Estuve más tiempo en ‘El príncipe’ que en ‘Todo por el juego’, pero… Lo que yo percibía es que ‘El príncipe’ se mimó mucho; se iba mucho más despacio que en ‘Todo por el juego’. Seguro que la gente de producción o de dirección dirán lo contrario, pero a mí me pareció que había más tiempo en ‘El príncipe’, supongo que por una cuestión de plazos de entrega. Por eso, entre otras cosas, creo que eligieron a Calparsoro para dirigir ‘Todo por el juego’, porque tiene clarísimo lo que quiere, va a tiro hecho y es perfectamente capaz de rodar rápido.

Precisamente te iba a preguntar cómo es Daniel Calparsoro como director.

Creo que tiene las cosas muy claras. Eso lo noté en este proyecto desde las primeras reuniones, en cuanto al personaje y todo… Yo traje mis propuestas, pero él tenía muy claro lo que quería, lo tenía todo bastante controlado. Volviendo al tema de la velocidad, él ya sabía lo que quería de cada personaje y lo que quería de cada escena y había menos margen para dialogar sobre tus propuestas. Es muy concreto y también muy majo y muy cercano. Y esto ayuda mucho, porque tener ahí a una persona que no duda es un plus para nosotros; tener a un tío que te da seguridad porque sabes exactamente qué quiere de ti, ayuda. Ayuda bastante.

¿Hay algo que recuerdes especialmente que hayas aprendido de un compañero tuyo, de un director, de un técnico… a lo largo de tu carrera?

Esto no sé si es bueno o malo, pero recuerdo una cosa que aprendí que no quería hacer. Rodando ‘Reflections’ en Barcelona con Timothy Hutton… Tenía un papel muy pequeño, apenas tres líneas, y era muy joven. Estaba emocionado por poder trabajar con Hutton y allí vi cómo se luce uno en un plano corto. Él sabía tanto y controlaba tanto el medio… Tiramos el general, tiramos los medios de cada uno y veías que él casi ni se desgastaba, lo hacía… No sé, diferente. Y llegó su plano corto, me acuerdo que llevaba unas gafas de sol, y se aseguró de que el montador incluyera este plano. Y eso me pareció, por un lado, una lección de interpretación, pero por el otro, un poco egoísta por su parte.
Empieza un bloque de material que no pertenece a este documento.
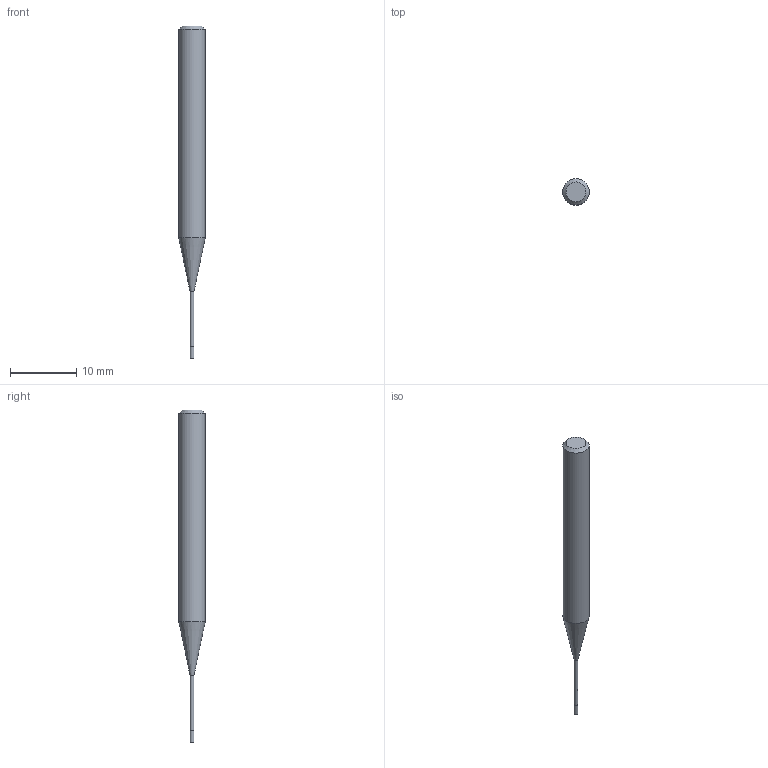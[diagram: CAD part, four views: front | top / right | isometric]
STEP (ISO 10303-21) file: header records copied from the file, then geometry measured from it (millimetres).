
FILE_DESCRIPTION((''),'2;1');
FILE_NAME('C:\Users\nsx150\Desktop\RSE230_20210427\01-00644-00610 RSE230 D0_6X1_8X10.step','2021-05-07T14:52:59',(''),(''),'STEP Write','Mastercam 2021 ... CNC Software, Inc.','');
FILE_SCHEMA(('AUTOMOTIVE_DESIGN'));
Length unit declared in the file: millimetre
Products named in the file (1): None
Bounding box: 4 x 4 x 50 mm (x, y, z)
Volume: 441.4 mm3; surface area: 487.4 mm2
Topology: 2 solids, 2 shells, 9 faces, 12 edges, 7 vertices
Faces by surface type: plane 4, cylinder 3, cone 2
Full cylindrical faces by diameter (mm): 0.56 x1, 0.6 x1, 4 x1
Entity records: 211 total; most frequent: DIRECTION 36, CARTESIAN_POINT 25, AXIS2_PLACEMENT_3D 18, ORIENTED_EDGE 14, EDGE_LOOP 14, STYLED_ITEM 12, ADVANCED_FACE 9, FACE_BOUND 8
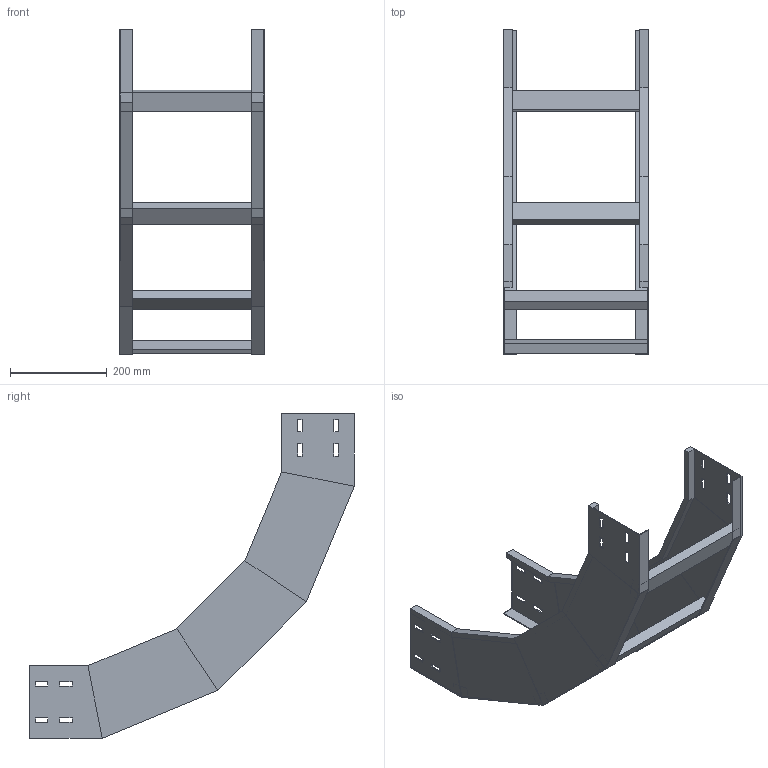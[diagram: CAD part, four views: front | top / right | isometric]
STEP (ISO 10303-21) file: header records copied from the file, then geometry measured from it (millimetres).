
FILE_DESCRIPTION (( 'STEP AP214' ), '1' );
FILE_NAME ('30J5F300.step', '2025-02-21T16:27:18', ( '' ), ( '' ), 'SwSTEP 2.0', 'SolidWorks 2023', '' );
FILE_SCHEMA (( 'AUTOMOTIVE_DESIGN' ));
Length unit declared in the file: millimetre
Products named in the file (3): TRAVERSINO_300; 30J5F300; LONGH.SALITA_90°_H150_R500
Assembly tree (6 placements, depth 2):
  30J5F300
    LONGH.SALITA_90°_H150_R500  x2
    TRAVERSINO_300  x4
Bounding box: 300 x 671.54 x 671.54 mm (x, y, z)
Volume: 1959548 mm3; surface area: 890944.2 mm2
Topology: 6 solids, 6 shells, 172 faces, 416 edges, 256 vertices
Faces by surface type: plane 172
Entity records: 2416 total; most frequent: CARTESIAN_POINT 405, ORIENTED_EDGE 392, DIRECTION 374, LINE 196, VECTOR 196, EDGE_CURVE 196, VERTEX_POINT 120, EDGE_LOOP 96
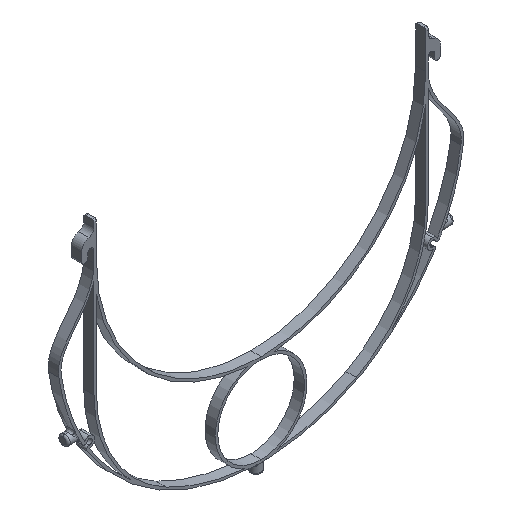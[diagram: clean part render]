
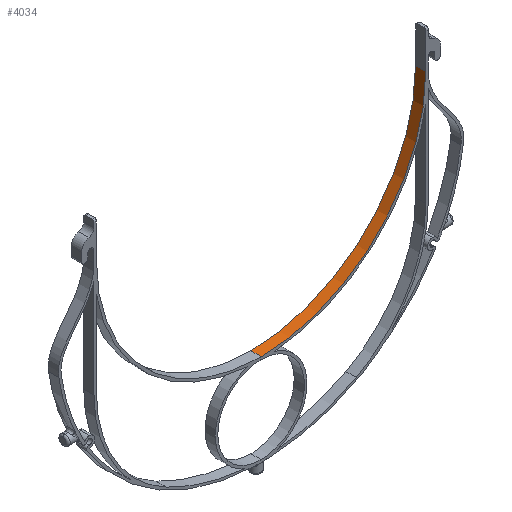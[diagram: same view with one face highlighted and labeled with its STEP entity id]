
A CAD part, isometric view. The second image highlights one B-rep face of the part: STEP entity #4034.
In plain terms, the highlighted cylindrical face has radius 79.4 mm (diameter 158.8 mm), a partial arc.
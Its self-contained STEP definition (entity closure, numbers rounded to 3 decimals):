
#210 = DIRECTION ( 'NONE',  ( 0., -1., 0. ) ) ;
#219 = VERTEX_POINT ( 'NONE', #690 ) ;
#393 = EDGE_LOOP ( 'NONE', ( #3440, #3158, #1908, #1610 ) ) ;
#435 = CARTESIAN_POINT ( 'NONE',  ( 0., 4.953, -79.4 ) ) ;
#438 = EDGE_CURVE ( 'NONE', #2949, #1218, #2524, .T. ) ;
#486 = CARTESIAN_POINT ( 'NONE',  ( 79.4, 0., 0. ) ) ;
#690 = CARTESIAN_POINT ( 'NONE',  ( 79.4, 4.953, 0. ) ) ;
#773 = CIRCLE ( 'NONE', #2433, 79.4 ) ;
#889 = VECTOR ( 'NONE', #1794, 1000. ) ;
#1218 = VERTEX_POINT ( 'NONE', #486 ) ;
#1225 = DIRECTION ( 'NONE',  ( 0., 0., -1. ) ) ;
#1260 = EDGE_CURVE ( 'NONE', #1280, #2949, #3703, .T. ) ;
#1280 = VERTEX_POINT ( 'NONE', #435 ) ;
#1405 = CARTESIAN_POINT ( 'NONE',  ( 0., 4.953, 0. ) ) ;
#1429 = CARTESIAN_POINT ( 'NONE',  ( 79.4, 4.953, 0. ) ) ;
#1473 = FACE_OUTER_BOUND ( 'NONE', #393, .T. ) ;
#1610 = ORIENTED_EDGE ( 'NONE', *, *, #4328, .F. ) ;
#1723 = LINE ( 'NONE', #1429, #889 ) ;
#1744 = CYLINDRICAL_SURFACE ( 'NONE', #3680, 79.4 ) ;
#1765 = DIRECTION ( 'NONE',  ( 1., 0., 0. ) ) ;
#1794 = DIRECTION ( 'NONE',  ( 0., -1., 0. ) ) ;
#1879 = DIRECTION ( 'NONE',  ( 0., -1., 0. ) ) ;
#1908 = ORIENTED_EDGE ( 'NONE', *, *, #438, .T. ) ;
#2089 = EDGE_CURVE ( 'NONE', #1280, #219, #773, .T. ) ;
#2250 = AXIS2_PLACEMENT_3D ( 'NONE', #2361, #210, #2726 ) ;
#2361 = CARTESIAN_POINT ( 'NONE',  ( 0., 0., 0. ) ) ;
#2433 = AXIS2_PLACEMENT_3D ( 'NONE', #1405, #3953, #1765 ) ;
#2524 = CIRCLE ( 'NONE', #2250, 79.4 ) ;
#2560 = CARTESIAN_POINT ( 'NONE',  ( 0., 4.953, -79.4 ) ) ;
#2726 = DIRECTION ( 'NONE',  ( 1., 0., 0. ) ) ;
#2837 = VECTOR ( 'NONE', #4376, 1000. ) ;
#2949 = VERTEX_POINT ( 'NONE', #4537 ) ;
#3158 = ORIENTED_EDGE ( 'NONE', *, *, #1260, .T. ) ;
#3405 = CARTESIAN_POINT ( 'NONE',  ( 0., 4.953, 0. ) ) ;
#3440 = ORIENTED_EDGE ( 'NONE', *, *, #2089, .F. ) ;
#3680 = AXIS2_PLACEMENT_3D ( 'NONE', #3405, #1879, #1225 ) ;
#3703 = LINE ( 'NONE', #2560, #2837 ) ;
#3953 = DIRECTION ( 'NONE',  ( 0., -1., 0. ) ) ;
#4034 = ADVANCED_FACE ( 'NONE', ( #1473 ), #1744, .F. ) ;
#4328 = EDGE_CURVE ( 'NONE', #219, #1218, #1723, .T. ) ;
#4376 = DIRECTION ( 'NONE',  ( 0., -1., 0. ) ) ;
#4537 = CARTESIAN_POINT ( 'NONE',  ( 0., 0., -79.4 ) ) ;
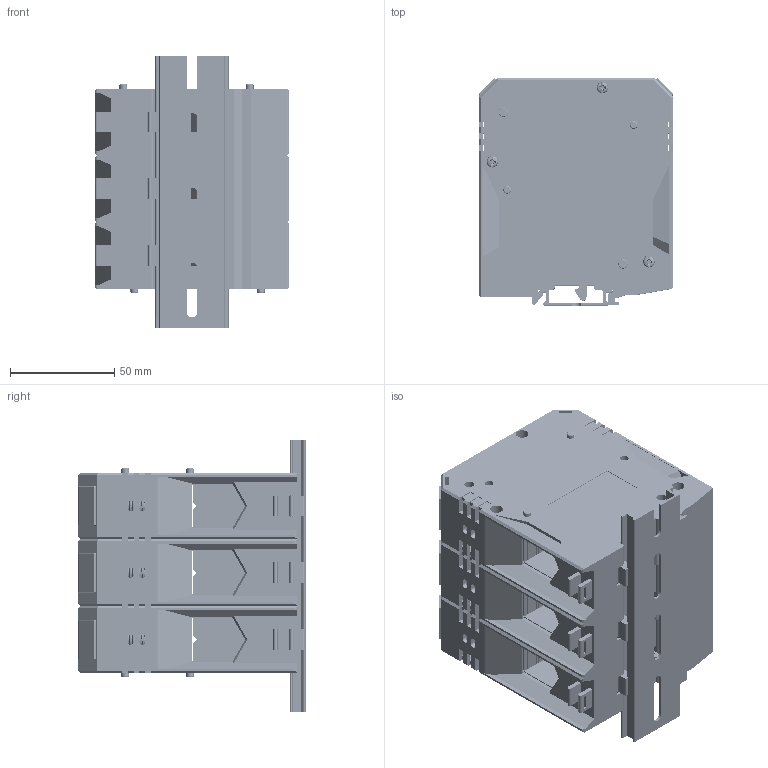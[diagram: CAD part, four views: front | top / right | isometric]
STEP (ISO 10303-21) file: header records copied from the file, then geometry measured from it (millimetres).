
FILE_DESCRIPTION((''),'2;1');
FILE_NAME('ASM0006_ASM','2016-06-13T',('Administrator'),(''),'PRO/ENGINEER BY PARAMETRIC TECHNOLOGY CORPORATION, 2012360','PRO/ENGINEER BY PARAMETRIC TECHNOLOGY CORPORATION, 2012360','');
FILE_SCHEMA(('CONFIG_CONTROL_DESIGN'));
Products named in the file (3): BREP_WITH_VOIDS_557106; ASM0007_ASM; ASM0006_ASM
Assembly tree (2 placements, depth 3):
  ASM0006_ASM
    ASM0007_ASM
      BREP_WITH_VOIDS_557106
Bounding box: 93.37 x 108.84 x 130 mm (x, y, z)
Volume: 379715.4 mm3; surface area: 301366.8 mm2
Topology: 1 solids, 96 shells, 10556 faces, 30714 edges, 20315 vertices
Faces by surface type: plane 6614, cylinder 2545, bspline 978, cone 171, torus 130, sphere 60, extrusion 58
Entity records: 461501 total; most frequent: CARTESIAN_POINT 192838, ORIENTED_EDGE 61380, DIRECTION 47638, EDGE_CURVE 30690, VECTOR 21754, LINE 21696, VERTEX_POINT 20315, AXIS2_PLACEMENT_3D 12942

Parece como si quisieras montar tú la peli. Yo soy muy partidario de respetar la parcela de cada miembro del equipo. En mis clases intento enseñar a los alumnos a ser disciplinados, a hacer las cosas fáciles para el resto. Si tienes tres planos -uno general, uno medio y uno corto- y sabes lo que tienes que hacer, hazlo. La script estará contenta, el montador estará contento, la foquista estará contenta… Todo el mundo. Y yo respeto y admiro muchísimo a Timothy Hutton, pero eso…

Bueno, pero por otro lado, también fue una lección de interpretación…

Sí, sí, totalmente. Y estamos hablando de un tío que ya llevaba una carrera, que no aprendió ese día a hacerlo así, es lo que le ha enseñado la vida. Otro contraste que hubo, fue cuando rodé ‘Project 12. The Bunker’, con Erik Roberts y James Cosmos y veías la profesionalidad de uno y la pachorra del otro. Roberts fue a Canarias a pasar las vacaciones y James Cosmos, que es un actor brutal para mi gusto, era uno más, estaba allí con todos, no se quejaba nunca… Y piensas: “Chapó”. Roberts era como una diva. Y, al ver las dos actitudes, te dices: “Yo quiero ser como James Cosmos, no como el otro”.

¿Cuáles son tus próximos proyectos?

Pues ahora estoy con un programa de tele, de 8tv, que se llama L´Amo del Poble. Es como una road trip, entre comillas, y vamos por diferentes pueblos de Catalunya promocionándolos. Eso es lo que está en la palestra de momento; estamos ahí de producción, de guion, de presentador… De todo. En principio no hay nada de ficción, aunque espero que llegue pronto.